§ PROBLEM DESCRIPTION
Word for word, repeat everything in the records below except the pictures.

§ INFORMATION SHOWN
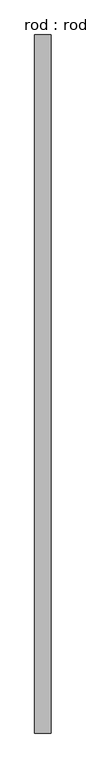
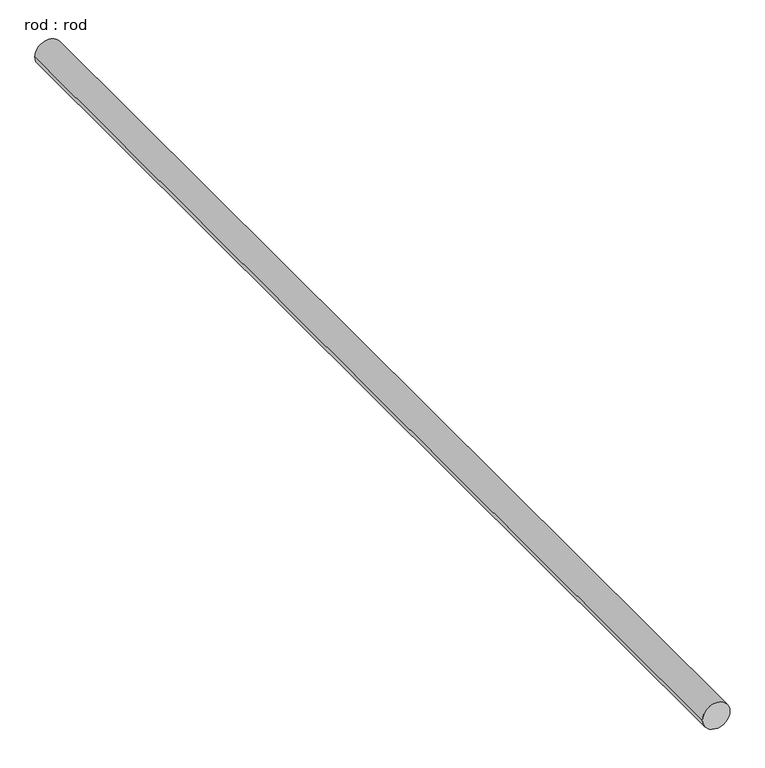
"""IFC4 building model written with IfcOpenShell, lengths in millimetres: proxy geometry, rod : rod."""

from ifc_helpers import new_model, si_unit, point, frame, frame_2d, origin, place, context, project, spatial, circle_curve, trimmed, segment, composite_curve, outline, extrude, source, transform, mapped, element, save


def rod_rod_0cf6e89c(model_context):
    return source(origin(), model_context, "Body", "SweptSolid", [
        extrude(outline(composite_curve([segment(trimmed(circle_curve(frame_2d((0.0108462, 0.0)), 200.0), [point((0.0108462, 200.0))], [point((0.0108462, -200.0))], False, "CARTESIAN"), True, "CONTINUOUS"), segment(trimmed(circle_curve(frame_2d((0.0108462, 0.0)), 200.0), [point((0.0108462, -200.0))], [point((0.0108462, 200.0))], False, "CARTESIAN"), True, "CONTINUOUS")], self_intersect=False)), frame((0.0, -4349.5154804, 0.0), z_axis=(0.0, 1.0, 0.0), x_axis=(0.0, 0.0, 1.0)), (0.0, 0.0, 1.0), 16884.4881914),
    ])


if __name__ == "__main__":
    model = new_model("IFC4")
    model_context = context("Model", 3, world=origin())
    ifc_project = project(units=[si_unit("LENGTHUNIT", "METRE", prefix="MILLI")], contexts=[model_context])
    site = spatial("IfcSite", under=ifc_project)
    building = spatial("IfcBuilding", under=site)
    placement = place(None, origin())
    rod_rod_shape = rod_rod_0cf6e89c(model_context)
    element("IfcBuildingElementProxy", 1, Name="rod : rod", ObjectType="rod : rod", at=placement, inside=building, context=model_context, shape_type="MappedRepresentation", body=[
        mapped(rod_rod_shape, transform((0.0, 0.0, 0.0), x_axis=(1.0, 0.0, 0.0), y_axis=(0.0, 1.0, 0.0), z_axis=(0.0, 0.0, 1.0))),
    ])
    save(model, "model.ifc")

# Revit data of these elements
# Type "rod : rod"
#   Default Elevation = 0

§ ANSWER FOR THIS EXERCISE
"""IFC4 building model written with IfcOpenShell, lengths in millimetres: proxy geometry, rod : rod."""

from ifc_helpers import new_model, si_unit, point, frame, frame_2d, origin, place, context, project, spatial, circle_curve, trimmed, segment, composite_curve, outline, extrude, source, transform, mapped, element, save


def rod_rod_0cf6e89c(model_context):
    return source(origin(), model_context, "Body", "SweptSolid", [
        extrude(outline(composite_curve([segment(trimmed(circle_curve(frame_2d((0.0108462, 0.0)), 200.0), [point((0.0108462, 200.0))], [point((0.0108462, -200.0))], False, "CARTESIAN"), True, "CONTINUOUS"), segment(trimmed(circle_curve(frame_2d((0.0108462, 0.0)), 200.0), [point((0.0108462, -200.0))], [point((0.0108462, 200.0))], False, "CARTESIAN"), True, "CONTINUOUS")], self_intersect=False)), frame((0.0, -4349.5154804, 0.0), z_axis=(0.0, 1.0, 0.0), x_axis=(0.0, 0.0, 1.0)), (0.0, 0.0, 1.0), 16884.4881914),
    ])


if __name__ == "__main__":
    model = new_model("IFC4")
    model_context = context("Model", 3, world=origin())
    ifc_project = project(units=[si_unit("LENGTHUNIT", "METRE", prefix="MILLI")], contexts=[model_context])
    site = spatial("IfcSite", under=ifc_project)
    building = spatial("IfcBuilding", under=site)
    placement = place(None, origin())
    rod_rod_shape = rod_rod_0cf6e89c(model_context)
    element("IfcBuildingElementProxy", 1, Name="rod : rod", ObjectType="rod : rod", at=placement, inside=building, context=model_context, shape_type="MappedRepresentation", body=[
        mapped(rod_rod_shape, transform((0.0, 0.0, 0.0), x_axis=(1.0, 0.0, 0.0), y_axis=(0.0, 1.0, 0.0), z_axis=(0.0, 0.0, 1.0))),
    ])
    save(model, "model.ifc")

# Revit data of these elements
# Type "rod : rod"
#   Default Elevation = 0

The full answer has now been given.